Ya, it seems our importer buys about 10% more than the presold. Basicaly most shops will not have our size and the wharehouse only has XS.
The rims seems OK but would a 2.8 fit in front? in rear?
What generation of Yamaha motor is it?
I know it is kind of entry level but for the price i am interested.
Here asking a shop is pretty much useless, they are still very new.
https://www.giant-bicycles.com/ca/stance-eplus-2-2020


----------



## honkinunit (Aug 6, 2004)

33red said:


> Yesterday i was surprised when i saw a FS for 4,000$ canadian.
> Tomorrow i will try to see one but they are pretty much sold out.
> Ya, it seems our importer buys about 10% more than the presold. Basicaly most shops will not have our size and the wharehouse only has XS.
> The rims seems OK but would a 2.8 fit in front? in rear?
> ...


- 400wH battery: Smaller than most these days, but it will still get you 15-30 miles of range. 
- SunTour fork with 34mm stanchions - I have that same fork on a Haibike hardtail and it works pretty well. It doesn't have a lot of small bump compliance though. 
- 120mm rear travel and 130mm front: good for trail use, but not for really gnarly trails. 
- I haven't kept up with Giant's motors, but they are basically Yamaha motors with Giant's custom tuning, kind of like how Specialized uses Brose motors but uses their own electronics.
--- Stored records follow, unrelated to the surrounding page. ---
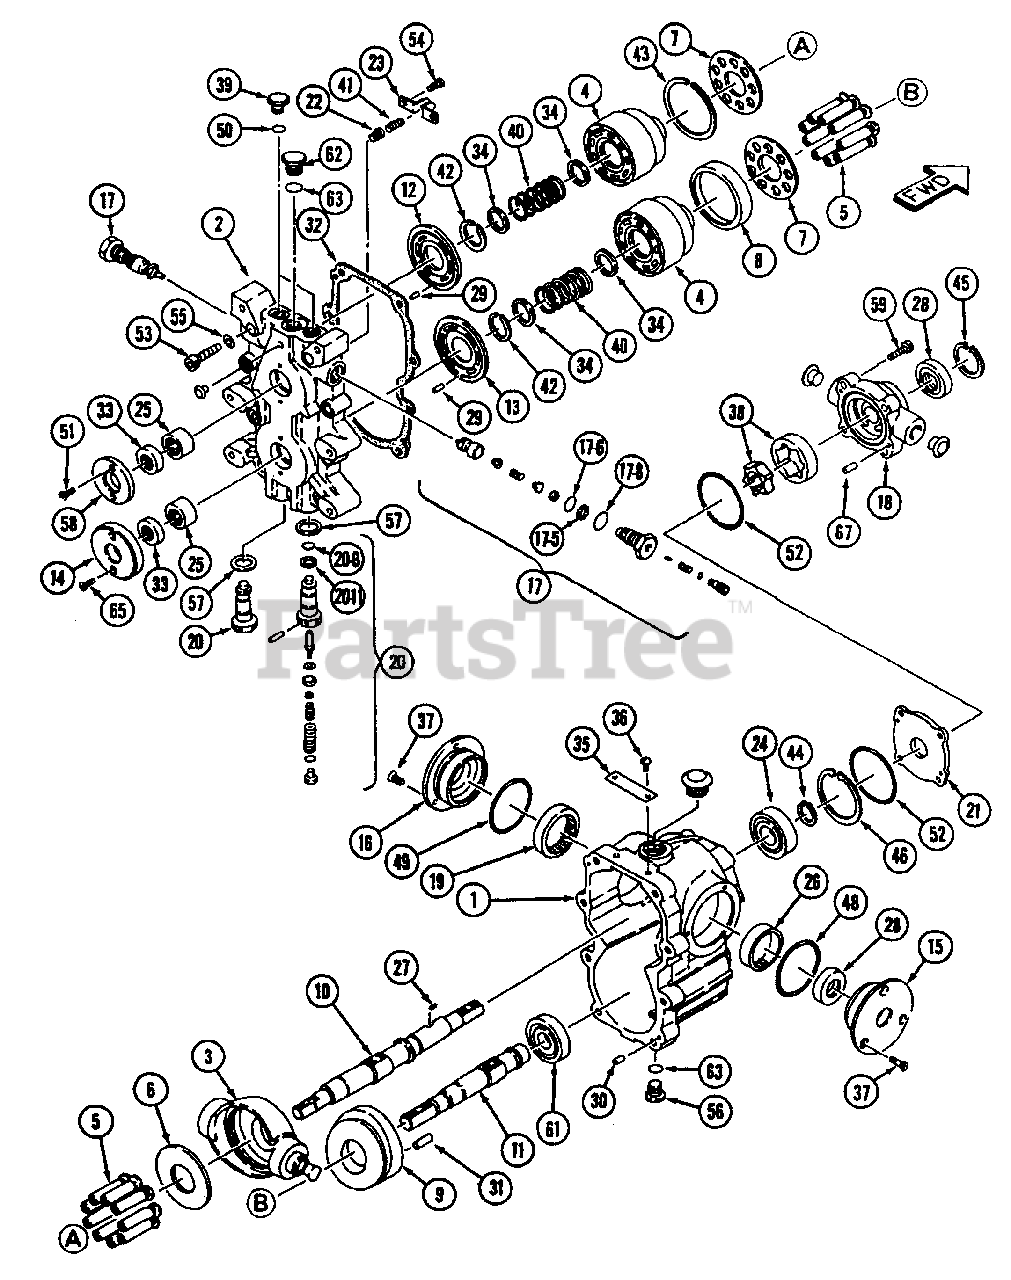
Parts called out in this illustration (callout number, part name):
4	Cylinder Block
5	Piston S/A
6	Plate, Thrust
7	Plate, Retainer
8	Holder, Retainer
9	Swash, Plate
15	Cover A
16	Cover B
18	Case,Change Pump
19	Bearing, Needle
20-11	Ring, Back Up
23	Holder, Spring
24	Bearing, Ball
25	Bearing, Needle
26	Bushing
34	Holder, Spring
35	Plate, Name
36	Screw, Drive
38	Trochoid Roto S/Ar
40	Spring
42	Ring, Snap
55	Washer, Spring
61	Bearing, Ball
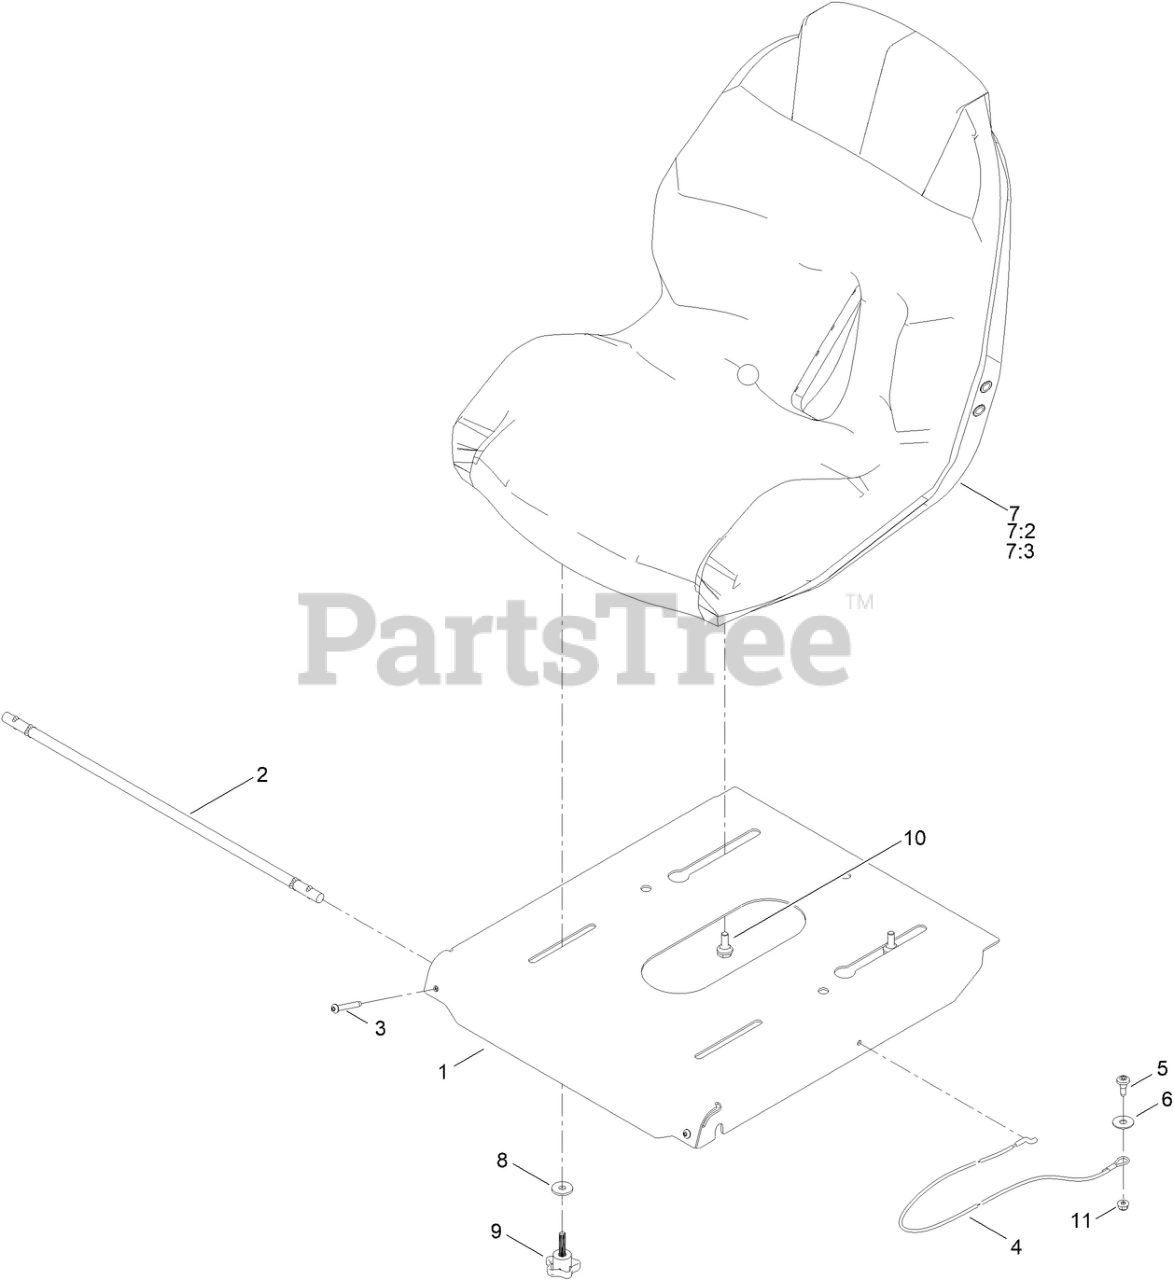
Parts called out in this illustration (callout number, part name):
1	PAN-SEAT
2	ROD-PIVOT
3	SCREW-TBH,THD ROLL
4	CABLE-LANYARD, 26.75"
5	SCREW-SHOULDER
6	WASHER-FLAT
7	SEAT ASM - SEAT KING SK130
7:2	COVER-SEAT
7:3	SWITCH-BAIL
8	WASHER-FRICTION
10	BOLT-SHOULDER,HFH
11	NUT-FLANGE, NI

Yamaha motors are very reliable. 75nm of torque will get you up just about anything. 
- No dropper post. I have to have one now, but YMMV. 
- The Tektro brakes are very good. The derailleur/cassette are "only" 10-speed, but it has good range.
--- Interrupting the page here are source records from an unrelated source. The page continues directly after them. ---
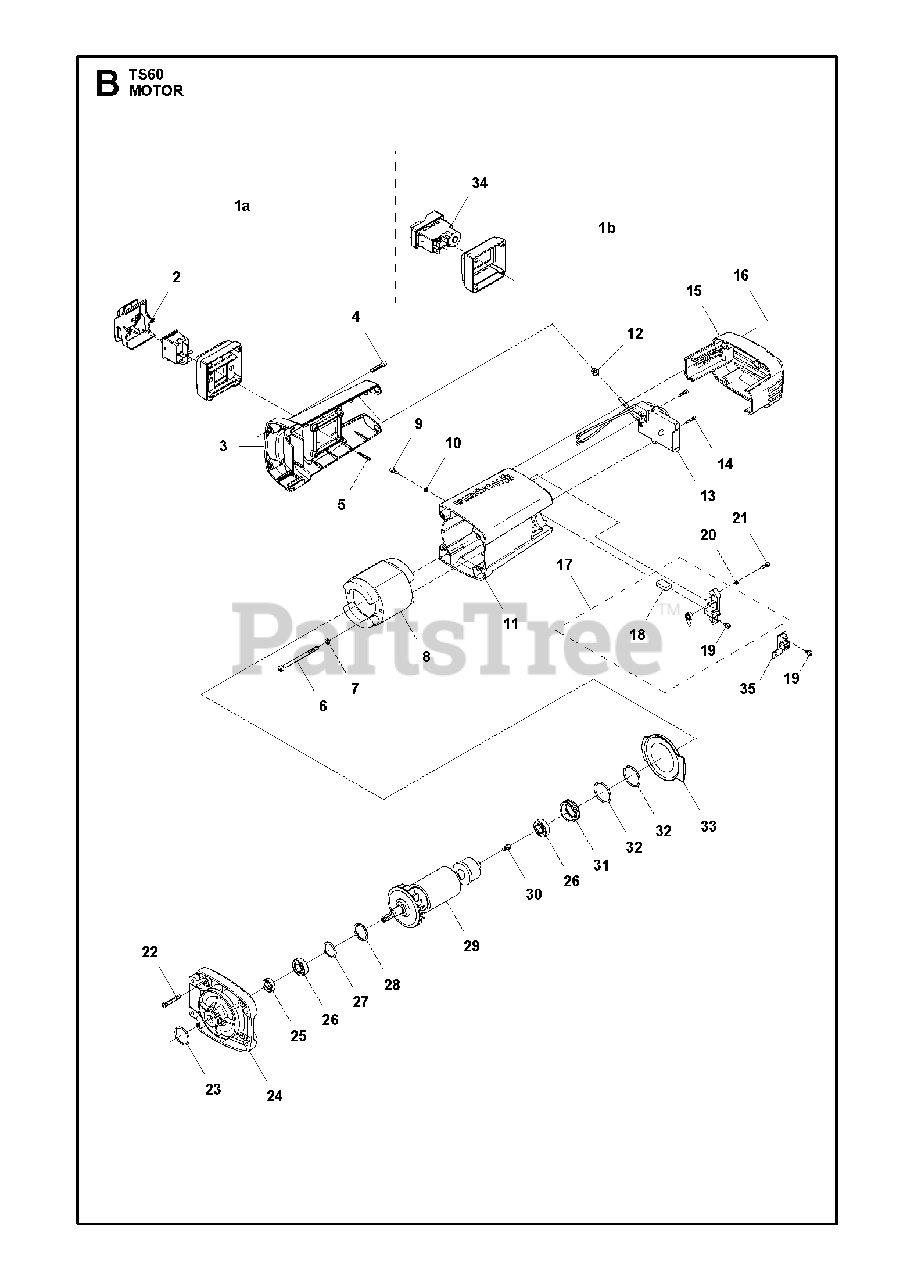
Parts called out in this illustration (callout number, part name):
6	SCREW IHSCM
11	MOTOR HOUSINGOnly for Canada
17	BRUSH HOLDERContains two brushes and two springs
18	BRUSH KITContains two brushes and two springs
20	SPRING WASHER
27	SPRING WASHER
31	BEARING SUPPORT

The bike looks very solid, with only one eye-opener: it has 141mm spacing in the rear with a standard quick release. Most FS bikes have switched to thru-axles front and rear. Apparently this new standard is being used on some lower-mid range bikes like the Stance E+ 2. Like we need yet *another* rear axle standard floating around.

https://forums.mtbr.com/wheels-tires/boost-141-rear-hubs-141mm-x-9mm-qr-boost-1095401.html

You would have to check with the dealer to see if 2.8" would fit.


----------



## TheBikeStore (Aug 27, 2017)

The bike looks alot like their $1600 non eBike. The price seems high for what you get. You should be able to put a 2.8 tire on that bike. 
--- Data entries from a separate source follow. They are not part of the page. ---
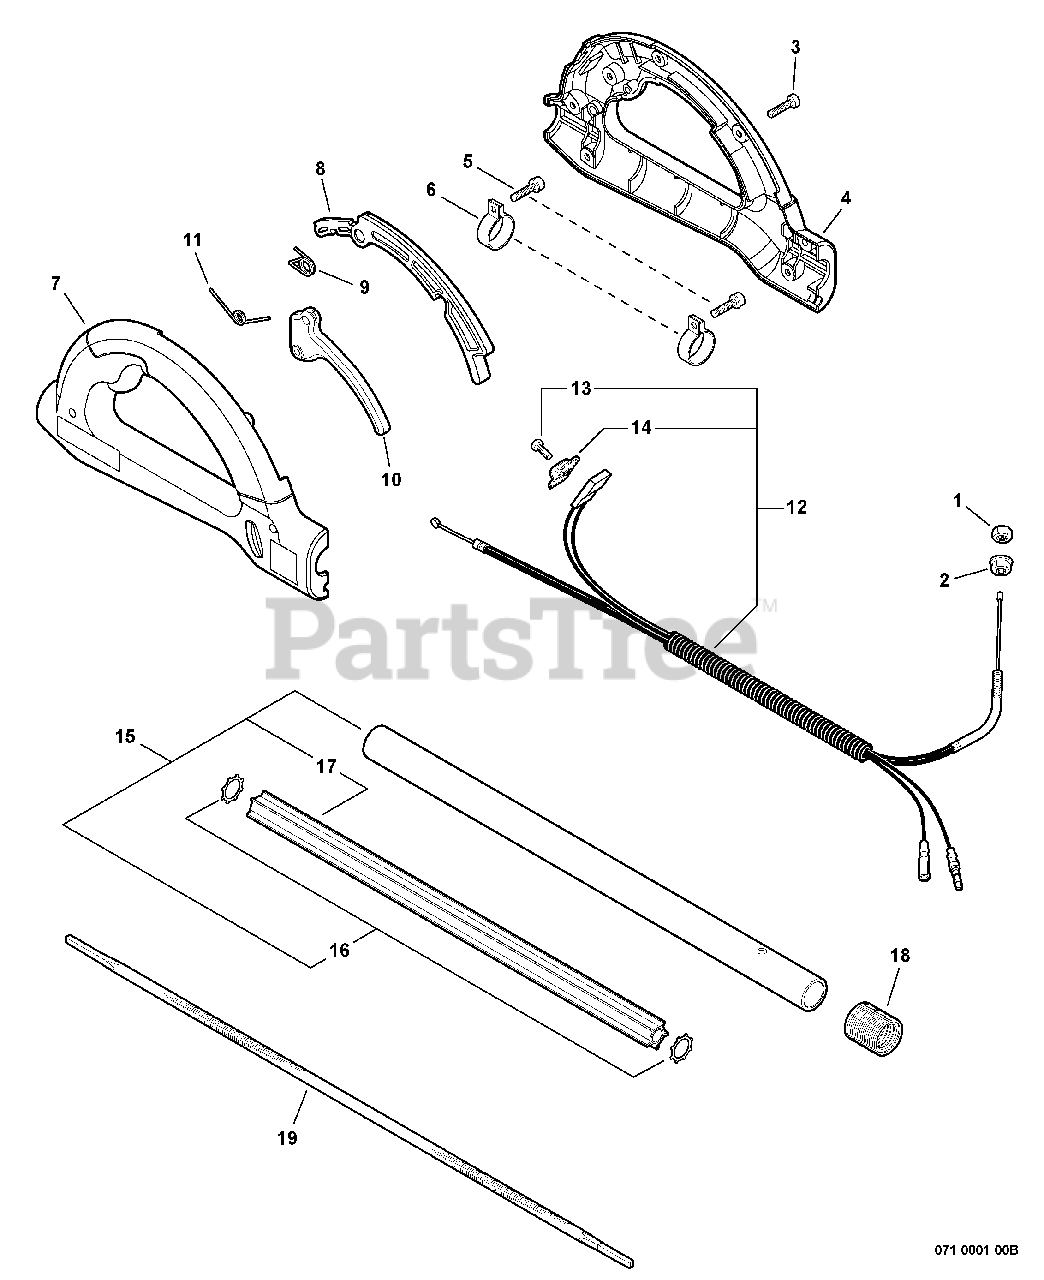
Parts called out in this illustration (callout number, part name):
2	NUT, FLANGE M6
3	SCREW M5×18
4	HANDLE, RIGHT
5	SCREW M5×20
7	BODY, HANDLE - LEFT
8	LOCKOUT, THROTTLE
9	SPRING, TORSION
10	TRIGGER, THROTTLE
11	SPRING, TORSION
12	CONTROL CABLE ASSY
13	SCREW 3×10
14	KNOB, SWITCH - ORANGE
15	MAIN PIPE ASSY
18	TUBE, FLEXIBLE
19	DRIVESHAFT - FLEXIBLE

I would look into the KHS e6555, they have the 2019 bikes on sale with a shimano 8000 motor and fox suspension with 150/140 travel that you might get for about the same price.


----------



## 33red (Jan 5, 2016)

TheBikeStore said:


> The bike looks alot like their $1600 non eBike. The price seems high for what you get. You should be able to put a 2.8 tire on that bike.
> 
> I would look into the KHS e6555, they have the 2019 bikes on sale with a shimano 8000 motor and fox suspension with 150/140 travel that you might get for about the same price.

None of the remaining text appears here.